Dalio called SVB’s downfall a potential “canary in the coal mine” that will have a harmful impact on the venture capital world and “well beyond it.”
Dalio noted that banks are forced to eat losses on assets that have lost value due to a recent surge in interest rates.
More federal intervention – such as regulators’ move to backstop deposits at SVB and fellow doomed firm Signature Bank – could be next, the Bridgewater Associates founder added.
“Looking ahead, it’s likely that it won’t be long before the problems pick up, which will eventually lead the Fed and bank regulators to act in a protective way,” Dalio wrote in a blog post Tuesday.
“So I think we are approaching the turning point from the strong tightening phase into the contraction phase of the short-term credit/debt cycle,” he added.
Critics of the feds’ move to guarantee deposits at SVB – whether insured or not – have argued it is effectively a bailout that will eventually land on American taxpayers.
Earlier this week, billionaire hedge fund boss Ken Griffin slammed the Biden administration-backed bailout as a major misstep.
The US is supposed to be a capitalist economy, and that’s breaking down before our eyes,” Griffin told the Financial Times.
“There’s been a loss of financial discipline with the government bailing out depositors in full,” he added.
Famed activist Carl Icahn concurred with Griffin’s view on the bailout, asserting on CNBC’s “Closing Bell” on Tuesday that economic problems began long before the last few days.
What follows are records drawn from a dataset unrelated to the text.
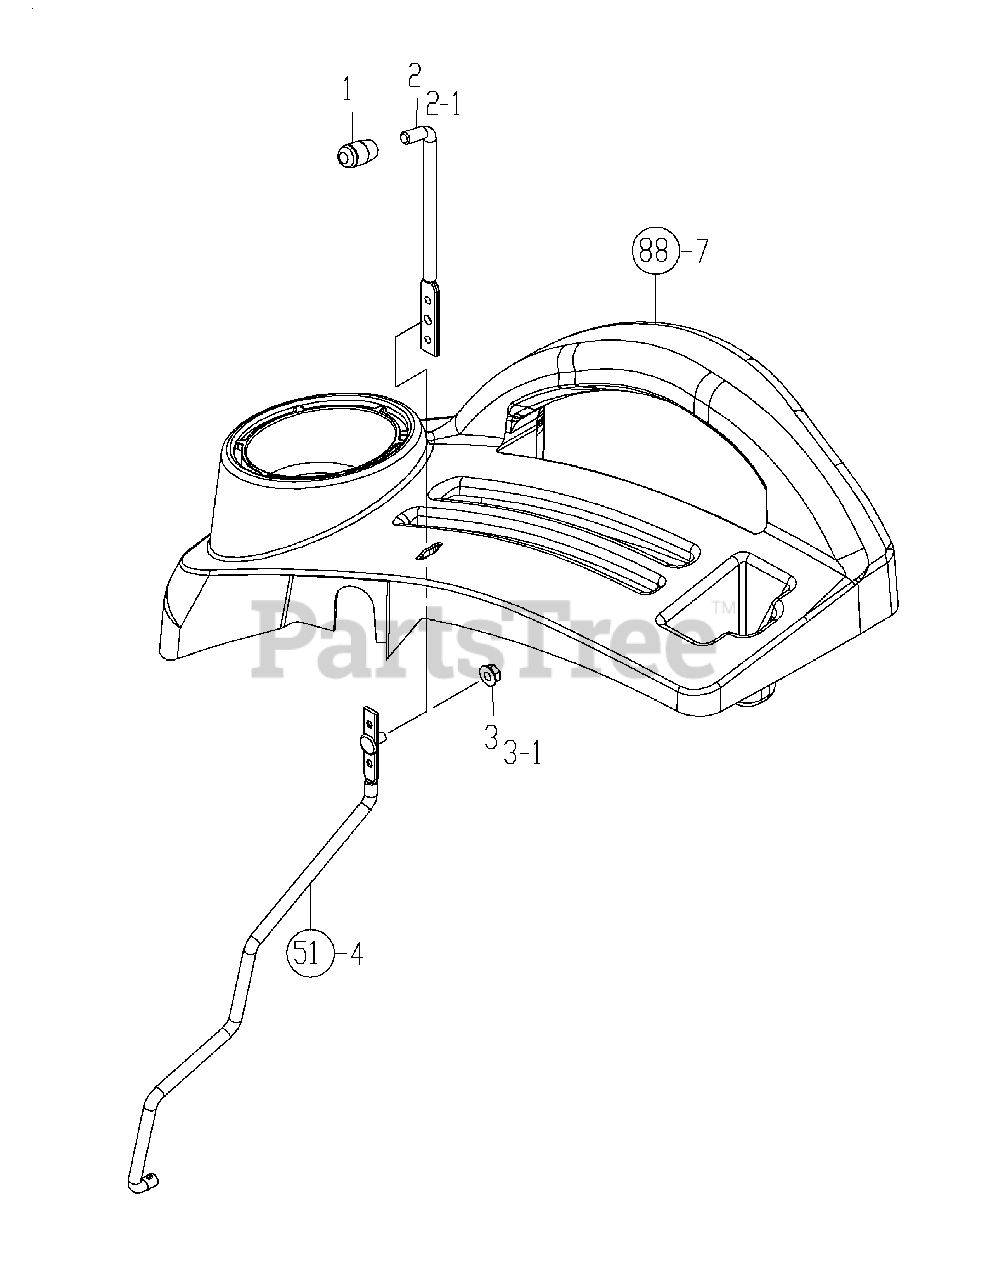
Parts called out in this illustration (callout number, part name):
2	ROD,C CRUISE
2-1	ROD,C CRUISE
3	NUT, 6
3-1	NUT W/WASHER 8
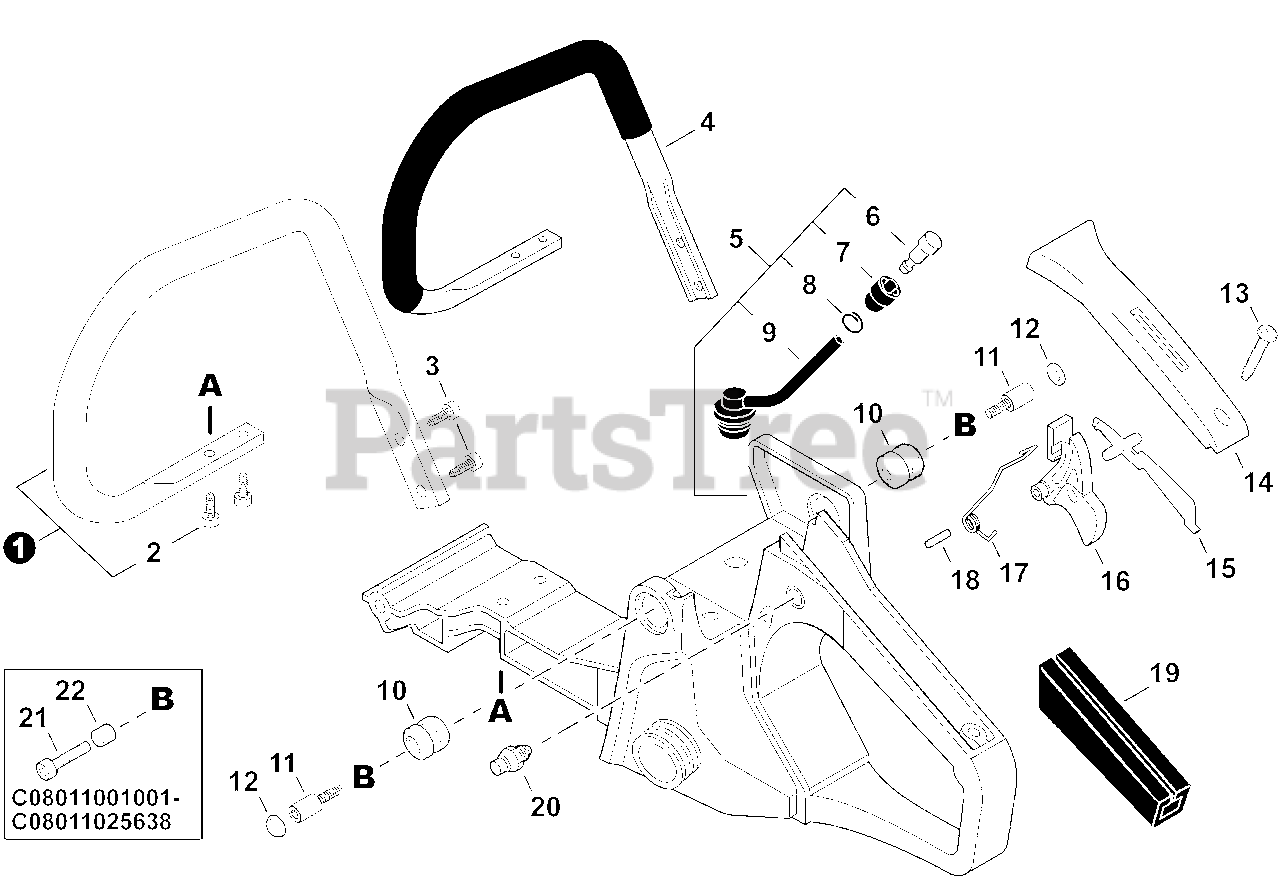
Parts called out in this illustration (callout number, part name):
1	HANDLE SET, FRONT - NYLON
2	SCREW TAPPING 5×20
3	SCREW TAPPING 5×20
4	HANDLE, FRONT - ALUMINUM
5	HANDLE ASSY, REAR
6	VENT ASSY
7	HOLDER, VENT
8	CLIP 6.5 MM
9	PIPE, VENT 3×6×65
10	CUSHION 4
11	BOLT 4×10×13.5
12	CAP, CUSHION
13	SCREW 4×14
14	COVER, HANDLE
15	LOCKOUT, THROTTLE
16	TRIGGER, THROTTLE
17	SPRING, TORSION
18	PIN, SPRING 4×30
19	GRIP, HANDLE
20	LOCK, THROTTLE TRIGGER
21	BOLT 4×22
22	COLLAR 4

“He’s right that our system is breaking down, and we absolutely have a major problem in our economy today,” Icahn said.
“I’m not going to opine on whether or not you bail out a bank, but you can’t have the country feeling that it doesn’t matter if they save, it doesn’t matter, because they could spend all the money they want, you can do whatever you want because the government will bail you out,” Icahn added.
“He’s right about that, you can’t have that.”